TRY IT: Could you output each line of the data that follows exactly?
*** Opening of LISTED RECORDS ***
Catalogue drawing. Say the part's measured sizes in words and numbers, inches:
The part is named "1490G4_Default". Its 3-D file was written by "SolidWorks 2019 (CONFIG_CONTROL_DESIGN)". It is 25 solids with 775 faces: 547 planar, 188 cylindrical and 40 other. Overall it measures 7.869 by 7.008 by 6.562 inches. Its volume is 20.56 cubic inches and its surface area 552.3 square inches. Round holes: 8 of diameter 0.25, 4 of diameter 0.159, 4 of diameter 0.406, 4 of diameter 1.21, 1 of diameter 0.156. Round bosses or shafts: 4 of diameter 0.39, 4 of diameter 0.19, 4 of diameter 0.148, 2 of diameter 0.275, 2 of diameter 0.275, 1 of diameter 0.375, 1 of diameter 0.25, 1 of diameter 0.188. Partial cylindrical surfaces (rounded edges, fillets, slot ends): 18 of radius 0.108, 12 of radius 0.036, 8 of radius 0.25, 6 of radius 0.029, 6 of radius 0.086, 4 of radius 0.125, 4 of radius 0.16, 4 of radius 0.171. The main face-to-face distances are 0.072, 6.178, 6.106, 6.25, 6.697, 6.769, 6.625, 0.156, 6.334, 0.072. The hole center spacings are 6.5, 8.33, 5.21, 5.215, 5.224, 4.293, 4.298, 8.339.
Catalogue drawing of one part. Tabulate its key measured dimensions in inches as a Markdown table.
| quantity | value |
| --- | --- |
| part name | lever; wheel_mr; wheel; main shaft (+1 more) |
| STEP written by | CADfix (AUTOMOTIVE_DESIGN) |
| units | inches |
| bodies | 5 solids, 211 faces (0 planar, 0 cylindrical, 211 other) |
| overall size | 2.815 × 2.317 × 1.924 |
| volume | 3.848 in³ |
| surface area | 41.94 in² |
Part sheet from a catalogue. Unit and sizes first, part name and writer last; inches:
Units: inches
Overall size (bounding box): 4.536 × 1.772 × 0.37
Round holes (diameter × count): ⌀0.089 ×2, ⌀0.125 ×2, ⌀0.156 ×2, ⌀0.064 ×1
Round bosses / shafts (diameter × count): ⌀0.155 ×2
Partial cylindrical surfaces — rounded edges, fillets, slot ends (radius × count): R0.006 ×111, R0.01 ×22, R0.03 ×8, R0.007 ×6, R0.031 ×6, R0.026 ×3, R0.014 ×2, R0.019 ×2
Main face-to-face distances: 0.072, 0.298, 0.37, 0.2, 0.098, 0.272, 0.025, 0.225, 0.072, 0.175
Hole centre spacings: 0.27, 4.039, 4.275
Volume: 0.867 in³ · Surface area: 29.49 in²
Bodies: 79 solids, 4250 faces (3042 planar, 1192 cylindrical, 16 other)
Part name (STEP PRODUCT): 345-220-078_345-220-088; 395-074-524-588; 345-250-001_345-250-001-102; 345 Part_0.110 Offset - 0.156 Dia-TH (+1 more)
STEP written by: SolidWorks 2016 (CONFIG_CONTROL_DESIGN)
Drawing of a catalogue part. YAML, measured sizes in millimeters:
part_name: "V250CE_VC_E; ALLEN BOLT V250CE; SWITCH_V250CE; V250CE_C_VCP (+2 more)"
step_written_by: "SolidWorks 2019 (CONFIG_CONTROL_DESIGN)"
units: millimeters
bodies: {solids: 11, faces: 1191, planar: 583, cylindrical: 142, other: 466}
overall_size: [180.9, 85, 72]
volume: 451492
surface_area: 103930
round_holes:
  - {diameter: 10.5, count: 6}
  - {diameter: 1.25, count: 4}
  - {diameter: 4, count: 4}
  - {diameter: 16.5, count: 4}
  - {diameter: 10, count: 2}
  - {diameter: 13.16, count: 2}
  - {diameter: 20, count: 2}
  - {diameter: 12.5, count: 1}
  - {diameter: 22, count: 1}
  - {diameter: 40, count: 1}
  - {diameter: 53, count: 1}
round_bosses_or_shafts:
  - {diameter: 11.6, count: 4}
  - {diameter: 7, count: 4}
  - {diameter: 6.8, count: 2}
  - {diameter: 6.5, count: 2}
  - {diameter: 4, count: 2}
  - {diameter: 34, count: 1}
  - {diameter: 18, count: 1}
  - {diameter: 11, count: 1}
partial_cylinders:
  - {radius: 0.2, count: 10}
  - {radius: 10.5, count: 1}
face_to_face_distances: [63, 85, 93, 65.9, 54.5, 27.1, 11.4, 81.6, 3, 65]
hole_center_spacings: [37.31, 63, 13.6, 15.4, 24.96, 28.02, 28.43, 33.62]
*** Close of LISTED RECORDS ***
OUTPUT BELOW:
Catalogue drawing. Say the part's measured sizes in words and numbers, inches:
The part is named "1490G4_Default". Its 3-D file was written by "SolidWorks 2019 (CONFIG_CONTROL_DESIGN)". It is 25 solids with 775 faces: 547 planar, 188 cylindrical and 40 other. Overall it measures 7.869 by 7.008 by 6.562 inches. Its volume is 20.56 cubic inches and its surface area 552.3 square inches. Round holes: 8 of diameter 0.25, 4 of diameter 0.159, 4 of diameter 0.406, 4 of diameter 1.21, 1 of diameter 0.156. Round bosses or shafts: 4 of diameter 0.39, 4 of diameter 0.19, 4 of diameter 0.148, 2 of diameter 0.275, 2 of diameter 0.275, 1 of diameter 0.375, 1 of diameter 0.25, 1 of diameter 0.188. Partial cylindrical surfaces (rounded edges, fillets, slot ends): 18 of radius 0.108, 12 of radius 0.036, 8 of radius 0.25, 6 of radius 0.029, 6 of radius 0.086, 4 of radius 0.125, 4 of radius 0.16, 4 of radius 0.171. The main face-to-face distances are 0.072, 6.178, 6.106, 6.25, 6.697, 6.769, 6.625, 0.156, 6.334, 0.072. The hole center spacings are 6.5, 8.33, 5.21, 5.215, 5.224, 4.293, 4.298, 8.339.
Catalogue drawing of one part. Tabulate its key measured dimensions in inches as a Markdown table.
| quantity | value |
| --- | --- |
| part name | lever; wheel_mr; wheel; main shaft (+1 more) |
| STEP written by | CADfix (AUTOMOTIVE_DESIGN) |
| units | inches |
| bodies | 5 solids, 211 faces (0 planar, 0 cylindrical, 211 other) |
| overall size | 2.815 × 2.317 × 1.924 |
| volume | 3.848 in³ |
| surface area | 41.94 in² |
Part sheet from a catalogue. Unit and sizes first, part name and writer last; inches:
Units: inches
Overall size (bounding box): 4.536 × 1.772 × 0.37
Round holes (diameter × count): ⌀0.089 ×2, ⌀0.125 ×2, ⌀0.156 ×2, ⌀0.064 ×1
Round bosses / shafts (diameter × count): ⌀0.155 ×2
Partial cylindrical surfaces — rounded edges, fillets, slot ends (radius × count): R0.006 ×111, R0.01 ×22, R0.03 ×8, R0.007 ×6, R0.031 ×6, R0.026 ×3, R0.014 ×2, R0.019 ×2
Main face-to-face distances: 0.072, 0.298, 0.37, 0.2, 0.098, 0.272, 0.025, 0.225, 0.072, 0.175
Hole centre spacings: 0.27, 4.039, 4.275
Volume: 0.867 in³ · Surface area: 29.49 in²
Bodies: 79 solids, 4250 faces (3042 planar, 1192 cylindrical, 16 other)
Part name (STEP PRODUCT): 345-220-078_345-220-088; 395-074-524-588; 345-250-001_345-250-001-102; 345 Part_0.110 Offset - 0.156 Dia-TH (+1 more)
STEP written by: SolidWorks 2016 (CONFIG_CONTROL_DESIGN)
Drawing of a catalogue part. YAML, measured sizes in millimeters:
part_name: "V250CE_VC_E; ALLEN BOLT V250CE; SWITCH_V250CE; V250CE_C_VCP (+2 more)"
step_written_by: "SolidWorks 2019 (CONFIG_CONTROL_DESIGN)"
units: millimeters
bodies: {solids: 11, faces: 1191, planar: 583, cylindrical: 142, other: 466}
overall_size: [180.9, 85, 72]
volume: 451492
surface_area: 103930
round_holes:
  - {diameter: 10.5, count: 6}
  - {diameter: 1.25, count: 4}
  - {diameter: 4, count: 4}
  - {diameter: 16.5, count: 4}
  - {diameter: 10, count: 2}
  - {diameter: 13.16, count: 2}
  - {diameter: 20, count: 2}
  - {diameter: 12.5, count: 1}
  - {diameter: 22, count: 1}
  - {diameter: 40, count: 1}
  - {diameter: 53, count: 1}
round_bosses_or_shafts:
  - {diameter: 11.6, count: 4}
  - {diameter: 7, count: 4}
  - {diameter: 6.8, count: 2}
  - {diameter: 6.5, count: 2}
  - {diameter: 4, count: 2}
  - {diameter: 34, count: 1}
  - {diameter: 18, count: 1}
  - {diameter: 11, count: 1}
partial_cylinders:
  - {radius: 0.2, count: 10}
  - {radius: 10.5, count: 1}
face_to_face_distances: [63, 85, 93, 65.9, 54.5, 27.1, 11.4, 81.6, 3, 65]
hole_center_spacings: [37.31, 63, 13.6, 15.4, 24.96, 28.02, 28.43, 33.62]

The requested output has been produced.